■ **Exercise requirements**: Wherever a line holds the word "Align", copy that line from the data.

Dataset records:
--------

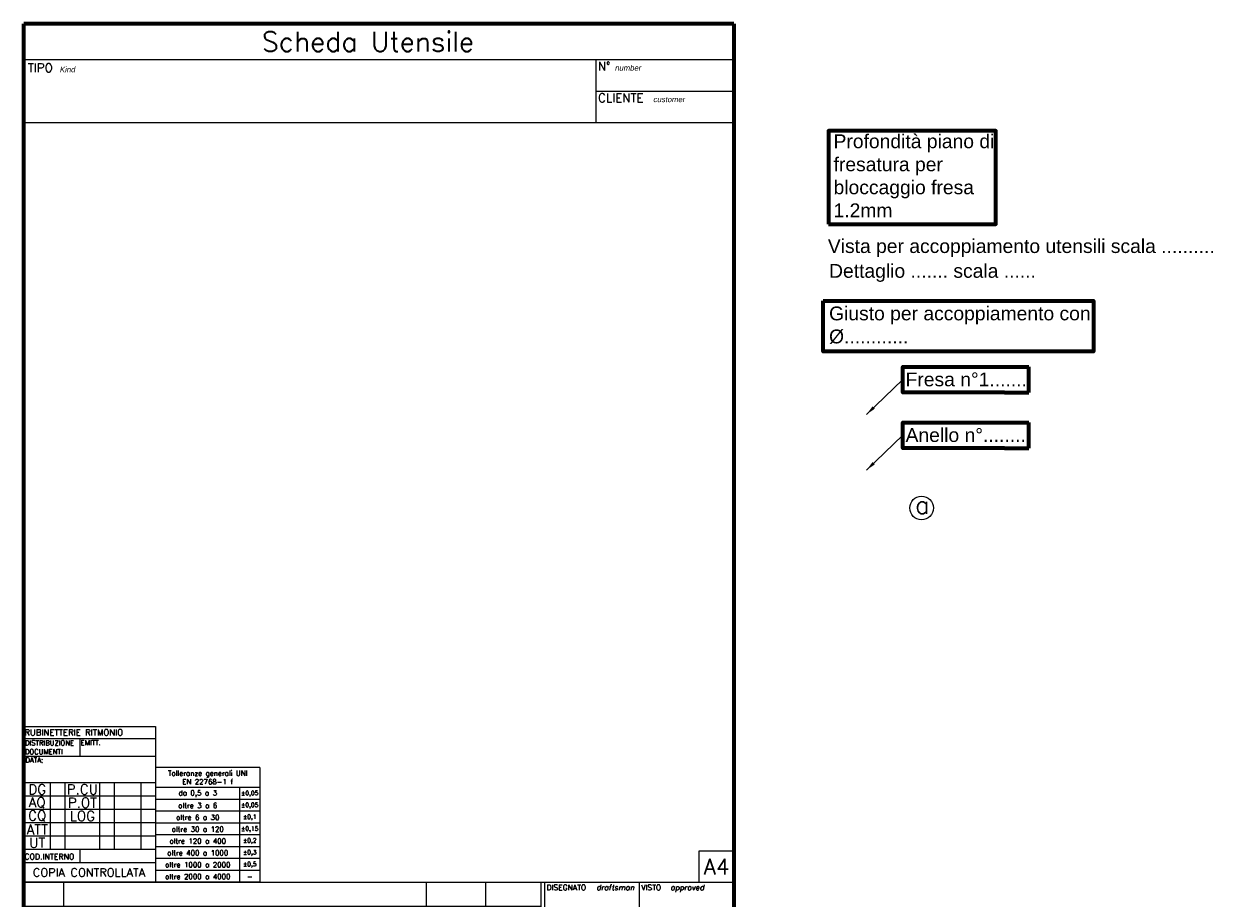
# Paper-space layout 'Layout1' of a CAD drawing. Extents: x 217 to 741, y -577 to 206.
# Tile 5 of 5: x 438 to 741, y -16 to 206. Entities that reach past the tile are written whole.
import ezdxf
from ezdxf.enums import TextEntityAlignment as Align

# ---------------------------------------------------------------- set-up
doc = ezdxf.new("R2010")
doc.units = 0
doc.header["$LTSCALE"] = 3
doc.linetypes.add('CENTER', pattern=[2, 1.25, -0.25, 0.25, -0.25])
doc.layers.get('0').update_dxf_attribs({"linetype": 'CONTINUOUS'})
doc.layers.add('DISEGNO', color=7, linetype='CONTINUOUS', lineweight=70)
doc.layers.add('TABELLA', color=7, linetype='CONTINUOUS')
doc.styles.add('ROMANS', font='romans', dxfattribs={"height": 2.5})
doc.styles.get("Standard").update_dxf_attribs({"font": 'romans.shx'})
doc.dimstyles.new('ISO-25', dxfattribs={"dimtxt": 2.5, "dimasz": 2.5, "dimexe": 1.25, "dimexo": 0.625, "dimtad": 1, "dimtxsty": 'Standard', "dimcen": 2.5, "dimadec": 0, "dimazin": 0, "dimtfac": 1, "dimtmove": 0, "dimatfit": 3, "dimfxl": 0, "dimarcsym": 0})

# ---------------------------------------------------------------- blocks, each defined once
blk = doc.blocks.new('Tolleranze f')
for p, q in [((64.9, 94.3), (38.5, 94.3)), ((38.5, 94.3), (38.5, 65.2)), ((64.9, 94.3), (64.9, 65.2)), ((64.9, 89.2), (38.5, 89.2)), ((59.9, 65.2), (59.9, 89.2)), ((64.9, 86.2), (38.5, 86.2)), ((60.7, 86.2), (42.7, 86.2)), ((64.9, 83.2), (38.5, 83.2)), ((60.7, 83.2), (42.7, 83.2)), ((64.9, 80.2), (38.5, 80.2)), ((60.7, 80.2), (42.7, 80.2)), ((64.9, 77.2), (38.5, 77.2)), ((60.7, 77.2), (42.7, 77.2)), ((64.9, 74.2), (38.5, 74.2)), ((60.7, 74.2), (42.7, 74.2)), ((64.9, 71.2), (38.5, 71.2)), ((60.7, 71.2), (42.7, 71.2)), ((64.9, 68.2), (38.5, 68.2)), ((64.9, 65.2), (38.5, 65.2))]:
    blk.add_line(p, q)
at = {"attachment_point": 5}
for s, insert, char_height, width in [('Tolleranze generali UNI EN 22768-1 f', (51.7, 91.77), 1.3, 22.2), ('da 0,5 a 3', (49.2, 87.66), 1.3, 22.1995), ('±0,05', (62.39, 87.66), 1.1, 22.2), ('oltre 3 a 6', (49.2, 84.66), 1.3, 22.1995), ('±0,05', (62.39, 84.66), 1.1, 22.2), ('oltre 6 a 30', (49.2, 81.66), 1.3, 22.1995), ('±0,1', (62.39, 81.66), 1.1, 22.2), ('oltre 30 a 120', (49.2, 78.66), 1.3, 22.1995), ('±0,15', (62.39, 78.66), 1.1, 22.2), ('oltre 120 a 400', (49.2, 75.66), 1.3, 22.1995), ('±0,2', (62.39, 75.66), 1.1, 22.2), ('oltre 400 a 1000', (49.2, 72.66), 1.3, 22.1995), ('±0,3', (62.39, 72.66), 1.1, 22.2), ('oltre 1000 a 2000', (49.2, 69.66), 1.3, 22.1995), ('±0,5', (62.39, 69.66), 1.1, 22.2), ('oltre 2000 a 4000', (49.2, 66.66), 1.3, 22.1995), ('-', (62.39, 66.66), 1.3, 22.2)]:
    blk.add_mtext(s, dxfattribs=dict(at, insert=insert, char_height=char_height, width=width))
blk = doc.blocks.new('Timbro di gestione x scheda utensili 2004')
for p, q in [((5.12, 104.68), (38.5, 104.68)), ((5.12, 65.2), (5.12, 104.68)), ((38.5, 104.68), (38.5, 65.2)), ((5.12, 101.68), (38.5, 101.68)), ((19.37, 97.18), (19.37, 101.68)), ((5.12, 97.18), (38.5, 97.18)), ((38.5, 90.43), (5.12, 90.43)), ((11.87, 73.55), (11.87, 90.43)), ((15.62, 73.55), (15.62, 90.43)), ((24.25, 90.43), (24.25, 73.55)), ((28, 90.43), (28, 73.55)), ((34.75, 90.43), (34.75, 73.55)), ((38.5, 87.05), (5.12, 87.05)), ((38.5, 83.68), (5.12, 83.68)), ((38.5, 80.3), (5.12, 80.3)), ((38.5, 76.93), (5.12, 76.93)), ((38.5, 73.55), (5.12, 73.55)), ((19.37, 70.18), (19.37, 73.55)), ((38.5, 70.18), (5.12, 70.18)), ((38.5, 65.2), (5.12, 65.2))]:
    blk.add_line(p, q)
for s, height, p in [('RUBINETTERIE RITMONIO', 1.575, (5.22, 102.39)), ('DISTRIBUZIONE ', 1.275, (5.37, 99.9)), ('EMITT.', 1.275, (19.51, 99.95)), ('DOCUMENTI', 1.275, (5.37, 97.64)), ('DATA:', 1.275, (5.49, 95.54))]:
    blk.add_text(s, height=height).set_placement(p)
at = {"style": 'ROMANS'}
for s, p in [('DG', (8.5, 88.74)), ('P.CU', (19.94, 88.74)), ('AQ', (8.5, 85.36)), ('P.OT', (19.94, 85.36)), ('CQ', (8.5, 81.99)), ('LOG', (19.94, 81.99)), ('ATT', (8.5, 78.61)), ('UT', (8.5, 75.24))]:
    blk.add_text(s, height=2.5, dxfattribs=at).set_placement(p, align=Align.MIDDLE)
blk.add_text('COD.INTERNO', height=1.45, dxfattribs=at).set_placement((5.24, 70.99))
at = {"insert": (21.62, 67.69), "char_height": 2.1, "width": 33.375, "attachment_point": 5, "style": 'ROMANS'}
blk.add_mtext('COPIA CONTROLLATA', dxfattribs=at)
at = {"style": 'ROMANS'}
for tag, height, p in [('VA.M', 2.5, (32.07, 99.35)), ('02/10/02', 3, (24.52, 93.71)), ('1', 2.5, (13.83, 88.77)), ('1', 2.5, (26.02, 88.63)), ('1', 2.5, (13.83, 85.34)), ('1', 2.5, (26.08, 85.2)), ('1', 2.5, (13.83, 81.97)), ('1', 2.5, (26.08, 81.91)), ('1', 2.5, (13.83, 78.68)), ('BOS', 2.5, (19.94, 78.61)), ('1', 2.5, (26.15, 78.54)), ('1', 2.5, (13.83, 75.25)), ('00000000000', 1.45, (28.94, 71.86))]:
    blk.add_attdef(tag, text='', height=height, dxfattribs=at).set_placement(p, align=Align.MIDDLE_CENTER)
blk = doc.blocks.new('SCHEDA UTENSILE 2004')
for points in [[(449.62, -66.33), (449.62, -63.99), (443.77, -63.99), (443.77, -58.15), (441.44, -58.15), (441.44, -66.33)], [(449.58, -58.71, 0.422647), (447.55, -58.18, 0.062253), (447.07, -58.61, -0.878026), (446.7, -58.5), (446.7, -58.15), (444.36, -58.15), (444.36, -63.41), (446.7, -63.41), (446.7, -60.01, -1.004457), (446.87, -60.01, -0.064952), (446.86, -60.49), (449.65, -60.49, 0.095763)]]:
    blk.add_hatch(color=256).paths.add_polyline_path(points)
h = blk.add_hatch(color=256)
h.paths.add_polyline_path([(502.93, -58.87, 0.072008), (502.19, -59.56, -0.183297), (503.56, -60.94, 0.174261), (504, -61.35, -0.03425), (504.12, -61.17, -0.204319), (503.57, -60.22, 0.13243)])
h.paths.add_polyline_path([(504.14, -58.26, 0.051071), (503.34, -58.6, -0.159306), (504.12, -60.58, 0.898951), (504.36, -60.63, 0.062339)])
h.paths.add_polyline_path([(504.98, -58.1, 0.027586), (504.63, -58.15, -0.059434), (504.69, -60.02, 0.207386), (504.92, -60.65, -0.052779), (505.36, -60.6, 0.162165), (505.16, -59.53, -0.187507)])
h.paths.add_polyline_path([(506.44, -58.7, 0.251269), (506.15, -58.19, 0.067564), (505.53, -58.11, 0.202815), (505.64, -59.41, -0.164282), (505.88, -60.7, -0.00142), (506.05, -60.78, -0.097642), (506.28, -59.52, 0.140188)])
h.paths.add_polyline_path([(507.83, -58.99, 0.076446), (506.9, -58.44, -0.14038), (506.69, -60.25, 0.221126), (506.45, -61.07, -0.033971), (506.59, -61.23, 0.240268), (507.21, -60.96, 0.138388), (507.52, -60.49, -0.321937), (508.5, -59.7, 0.134906)])
h.paths.add_polyline_path([(509.04, -60.43, 0.377437), (507.74, -61.08, -0.222294), (506.81, -61.61, -0.041971), (506.9, -61.95), (509.42, -61.95, 0.096772)])
h.paths.add_polyline_path([(509.43, -62.4), (506.9, -62.4, -0.862659), (503.77, -62.4), (501.31, -62.4, 0.359786), (506.6, -63.67, -0.167524), (509.37, -62.85, 0.010045)])
h.paths.add_polyline_path([(503.03, -60.9, 0.139617), (501.92, -59.99, 0.14567), (501.24, -61.95), (503.77, -61.95, 0.000179), (503.81, -61.81, -0.13251)])
h.paths.add_polyline_path([(505.95, -64.54, -0.186312), (508.54, -64.73, 0.061224), (509.06, -63.88, 0.100261), (506.02, -64.2, -0.120579), (501.95, -64.48, 0.049057), (502.47, -65.09, 0.047179)])
h.paths.add_polyline_path([(508.28, -65.02, 0.148421), (505.17, -65.08, -0.111083), (507.66, -65.55, 0.049864)])
h.paths.add_polyline_path([(502.98, -65.53, 0.277839), (507.2, -65.82, 0.112377)])
for p, q in [((438.15, 196.62), (618.15, 196.62)), ((583.14, 196.62), (583.14, 180.62)), ((583.14, 188.62), (618.15, 188.62)), ((438.15, 180.62), (618.15, 180.62)), ((609.28, -3.97), (609.28, -11.88)), ((609.28, -3.97), (609.28, -11.88)), ((618.15, -3.97), (609.28, -3.97)), ((438.15, -11.88), (618.15, -11.88)), ((438.15, -11.88), (438.15, -71.38)), ((448.15, -11.88), (448.15, -17.88)), ((448.15, -11.88), (448.15, -54.88)), ((540.15, -11.88), (540.15, -54.88)), ((555.15, -11.88), (555.15, -54.88)), ((569.15, -11.88), (569.15, -54.88)), ((570.15, -11.88), (570.15, -55.88)), ((594.15, -11.88), (594.15, -20.68)), ((618.15, -71.38), (618.15, -11.88)), ((438.15, -17.88), (569.15, -17.88)), ((448.15, -17.88), (448.15, -23.88)), ((570.15, -20.68), (618.15, -20.68)), ((438.15, -23.88), (569.15, -23.88)), ((448.15, -23.88), (448.15, -29.88)), ((438.15, -29.88), (569.15, -29.88)), ((448.15, -29.88), (448.15, -35.88)), ((570.15, -29.48), (618.15, -29.48)), ((438.15, -35.88), (569.15, -35.88)), ((448.15, -35.88), (448.15, -41.88)), ((570.15, -38.28), (618.15, -38.28)), ((438.15, -41.88), (569.15, -41.88)), ((448.15, -41.88), (448.15, -47.88)), ((438.15, -47.88), (569.15, -47.88)), ((570.15, -47.08), (618.15, -47.08)), ((594.15, -47.08), (594.15, -55.88)), ((438.15, -54.88), (569.15, -54.88)), ((570.15, -55.88), (438.15, -55.88)), ((513.15, -55.88), (513.15, -71.38)), ((570.15, -55.88), (594.15, -55.88)), ((594.15, -55.88), (618.15, -55.88)), ((513.15, -63.68), (618.15, -63.68)), ((529.35, -63.68), (529.35, -71.38)), ((547.36, -63.68), (547.36, -71.38)), ((530.86, -65.78), (537.86, -64.03)), ((530.86, -65.78), (530.86, -69.28)), ((537.86, -64.03), (537.86, -71.03)), ((529.71, -67.53), (546.86, -67.53)), ((530.86, -69.28), (537.86, -71.03)), ((618.15, -71.38), (438.15, -71.38)), ((438.15, -71.38), (618.15, -71.38))]:
    blk.add_line(p, q)
at = {"color": 7}
for p, q in [((441.44, -58.15, -84.17), (443.77, -58.15, -84.17)), ((441.44, -66.33, -84.17), (441.44, -58.15, -84.17)), ((443.77, -58.15, -84.17), (443.77, -63.99, -84.17)), ((446.7, -58.15, -84.17), (444.36, -58.15, -84.17)), ((444.36, -58.15, -84.17), (444.36, -63.41, -84.17)), ((446.7, -58.15, -84.17), (446.7, -58.56, -84.17)), ((446.71, -58.59, -84.17), (446.7, -58.56, -84.17)), ((446.7, -60.01, -84.17), (446.7, -63.41, -84.17)), ((449.65, -60.49, -84.17), (446.86, -60.49, -84.17)), ((446.7, -63.41, -84.17), (444.36, -63.41, -84.17)), ((501.24, -61.95, -75.03), (503.77, -61.95, -75.03)), ((501.31, -62.4, -75.03), (503.77, -62.4, -75.03)), ((506.9, -61.95, -75.03), (509.42, -61.95, -75.03)), ((506.9, -62.4, -75.03), (509.43, -62.4, -75.03)), ((449.62, -66.33, -84.17), (441.44, -66.33, -84.17)), ((449.62, -63.99, -84.17), (443.77, -63.99, -84.17)), ((449.62, -63.99, -84.17), (449.62, -66.33, -84.17))]:
    blk.add_line(p, q, dxfattribs=at)
at = {"linetype": 'CENTER', "ltscale": 0.25}
blk.add_line((542.36, -71.29), (542.36, -63.77), dxfattribs=at)
for radius in [3.5, 1.75]:
    blk.add_circle((542.36, -67.53), radius)
at = {"color": 7}
for centre, radius, start, end in [((446.89, -58.53, -84.17), 0.194, 188.7363, 336.3996), ((446.79, -60.01, -84.17), 0.0877, 359.7452, 180.2548), ((445.06, -60.21, -84.17), 1.82, 351.4316, 6.2967), ((449.03, -60.34, -84.17), 2.62, 124.2834, 138.5324), ((448.31, -59.42, -84.17), 1.46, 29.4819, 121.1266), ((445.01, -59.78, -84.17), 4.69, 351.3906, 13.2711), ((504.88, -62.11, -75.03), 3.64, 144.2829, 177.435), ((500.88, -62.39, -75.03), 2.62, 34.6548, 66.4471), ((504.92, -61.77, -75.03), 3.51, 124.3702, 140.8448), ((501.05, -62.05, -75.03), 2.74, 23.9349, 65.4822), ((500.76, -60.74, -75.03), 2.86, 10.4986, 40.6757), ((505.42, -62.35, -75.03), 4.28, 107.4058, 119.1001), ((500.7, -60.78, -75.03), 3.42, 3.3705, 39.5766), ((504.97, -60.05, -75.03), 1.4, 186.3335, 233.0705), ((504.24, -60.59, -75.03), 0.125, 175.3101, 343.1261), ((494.79, -60.32, -75.03), 9.58, 358.1729, 12.4415), ((505.26, -61.3, -75.03), 3.21, 94.8967, 101.2174), ((496.8, -59.33, -75.03), 7.92, 354.9482, 8.5639), ((505.53, -60.07, -75.03), 0.841, 176.5627, 223.5208), ((506.91, -58.59, -75.03), 1.99, 165.6817, 208.1354), ((505.36, -62.71, -75.03), 2.11, 90.0294, 102.1143), ((503.65, -60.37, -75.03), 1.73, 352.3432, 29.1591), ((507.11, -58.62, -75.03), 1.66, 162.2104, 208.1354), ((505.54, -60.45, -75.03), 2.34, 74.9692, 90.4302), ((503.85, -60.41, -75.03), 2.06, 351.7821, 29.1591), ((509.37, -60.72, -75.03), 3.31, 158.7578, 181.065), ((505.83, -58.71, -75.03), 0.613, 1.6496, 58.0683), ((504.92, -58.82, -75.03), 1.53, 332.8385, 4.7593), ((507.45, -60.91, -75.03), 1.01, 139.1523, 189.0281), ((505.59, -61.74, -75.03), 3.55, 50.8383, 68.3243), ((506.54, -60.18, -75.03), 1.03, 310.9486, 342.5563), ((508.76, -61.49, -75.03), 1.1, 75.2266, 157.94), ((506.86, -60.56, -75.03), 1.84, 27.5633, 58.2958), ((505.34, -62.18, -75.03), 4.09, 3.1644, 25.2741), ((504.72, -59.84, -75.03), 4.27, 216.9201, 296.1525), ((505.11, -59.92, -75.03), 2.29, 205.2885, 235.4817), ((504.34, -60.53, -75.03), 0.883, 207.4553, 246.9959), ((310.75, -14.94, -75.03), 198.67, 346.3113, 346.3524), ((505.34, -62.17, -75.03), 1.58, 188.434, 351.566), ((505.34, -62.18, -75.03), 1.57, 140.2923, 148.1388), ((491.55, -90.77, -75.03), 33.31, 64.185, 64.5105), ((505.34, -62.18, -75.03), 1.57, 36.9867, 44.7694), ((506.63, -60.48, -75.03), 0.745, 266.8344, 320.8753), ((509.17, -67.29, -75.03), 4.44, 87.418, 125.5235), ((506.7, -60.35, -75.03), 1.27, 274.723, 324.854), ((504.84, -62.34, -75.03), 2.09, 10.665, 20.2784), ((498.21, -61.23, -75.03), 11.28, 351.7324, 354.0344), ((503.41, -56.03, -75.03), 8.58, 260.2065, 287.7084), ((505.34, -62.18, -75.03), 4.09, 214.2385, 225.4724), ((501.26, -46.38, -75.03), 18.75, 273.6887, 284.4933), ((504.44, -74.93, -75.03), 9.51, 73.1388, 98.7861), ((505.34, -62.18, -75.03), 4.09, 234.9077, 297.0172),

--------

■ **Worked solution**:
from ezdxf.enums import TextEntityAlignment as Align
    blk.add_text(s, height=2.5, dxfattribs=at).set_placement(p, align=Align.MIDDLE)
    blk.add_attdef(tag, text='', height=height, dxfattribs=at).set_placement(p, align=Align.MIDDLE_CENTER)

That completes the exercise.